他记得他是婆娑妖族的帝王蝶,一朝化茧为蝶帝,又为心爱的圣女赴死,可真相总是那么残忍,她骗了他,她只是想让他心甘情愿祭了万妖蛊!
男主[帝昼]虐心值97.6%。
他是被爱人欺骗、被众宗围攻、最后消融在阳炎之下的鬼王鬼昼,他是家道中落进宫做了太监、亲手把爱人送上龙床又被她告知玩弄真相的提督砚雪昼,他是违背伦常自以为爱上同性备受折磨反被女子蒙骗半生的大行台蓝危昼。
他是卑微的小镇帝,握着平安符,死前也没等来她一眼。
他是昆山公主的面首,与她相伴长大,与她亲密无间,却被她当成了竹马的挡箭牌。
他是纵横江湖的侠客,拈花飞叶,皆可为剑,可有一天,侠客胸中生了一簇招摇的红莲,他满怀柔情放下了剑,却被他爱的女子屠了满门。
九生九世,无论是人、鬼、妖、魔,俱不得善终。
九生九世,无论是对手、同伴、主仆、君臣,俱不得所爱。
昼抽丝剥茧地想着,自虐般地想着。
不,不能再想。
直到记忆回拨到第十世,昼的眼尾泛起了一笔最狰狞的猩红。
第十世,是诸天生灵共同参与,为他打造了一个最精致的牢笼,帝绯红把她曾经受过的,一一还给了他!
十生十世的痛感层层堆叠,昼的指尖发颤,绷紧了每一根骨头。
“恭喜——”
远处是女子的笑,很轻,很魅。
“夫君历劫归来。

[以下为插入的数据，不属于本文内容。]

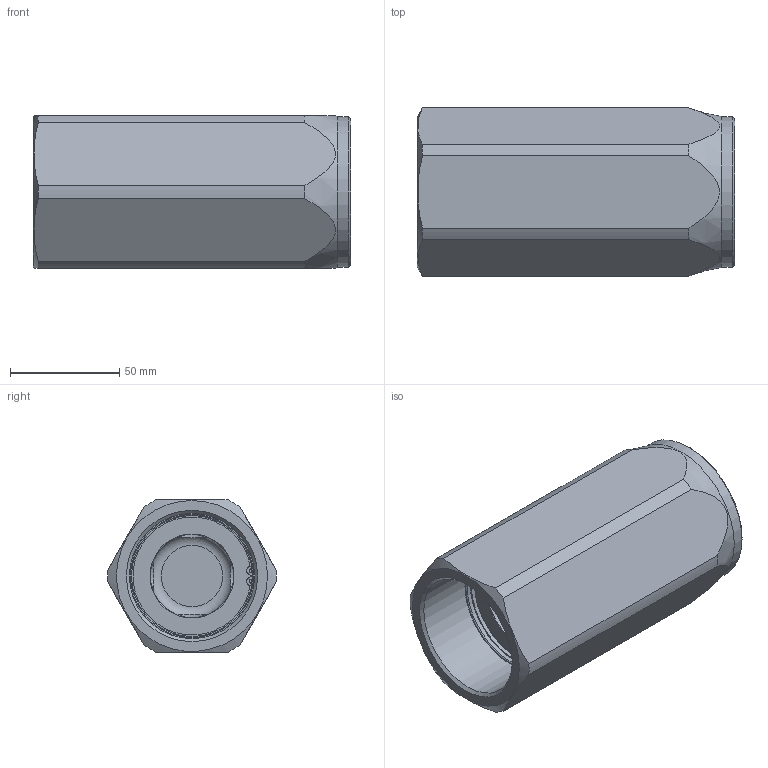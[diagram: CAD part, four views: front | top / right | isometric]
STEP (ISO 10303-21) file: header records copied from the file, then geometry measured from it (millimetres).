
FILE_DESCRIPTION (( 'STEP AP214' ), '1' );
FILE_NAME ('VUR200.STEP', '2020-06-15T07:07:39', ( '' ), ( '' ), 'SwSTEP 2.0', 'SolidWorks 2017', '' );
FILE_SCHEMA (( 'AUTOMOTIVE_DESIGN' ));
Length unit declared in the file: millimetre
Products named in the file (1): VUR200
Bounding box: 145 x 76.97 x 69.5 mm (x, y, z)
Volume: 283222.8 mm3; surface area: 89678.1 mm2
Topology: 4 solids, 4 shells, 73 faces, 172 edges, 107 vertices
Faces by surface type: cylinder 31, plane 22, cone 17, torus 3
Full cylindrical faces by diameter (mm): 1.667 x2, 21 x4, 38 x2, 40 x1, 48 x2, 55 x3, 55.3 x2, 57.25 x2, 59 x2, 69 x1
Entity records: 3764 total; most frequent: CARTESIAN_POINT 1412, DIRECTION 318, ORIENTED_EDGE 242, AXIS2_PLACEMENT_3D 151, EDGE_LOOP 130, EDGE_CURVE 121, FACE_OUTER_BOUND 97, VERTEX_POINT 97

”
昼何其熟悉这一道声音,从第一世,到第十世,将近十万年,她把她的容貌、声音、体态、香气都刻入了他的骨血里。他只要一听见这声音,就想起了她十生十世里是如何与他纠缠,她怎么笑,怎么哭,怎么喘,他都一一清楚。
但他更清楚,她用这把菩萨般慈悲的嗓音,把他折堕到最深的淤泥里。
“夫君是在怪我吗?”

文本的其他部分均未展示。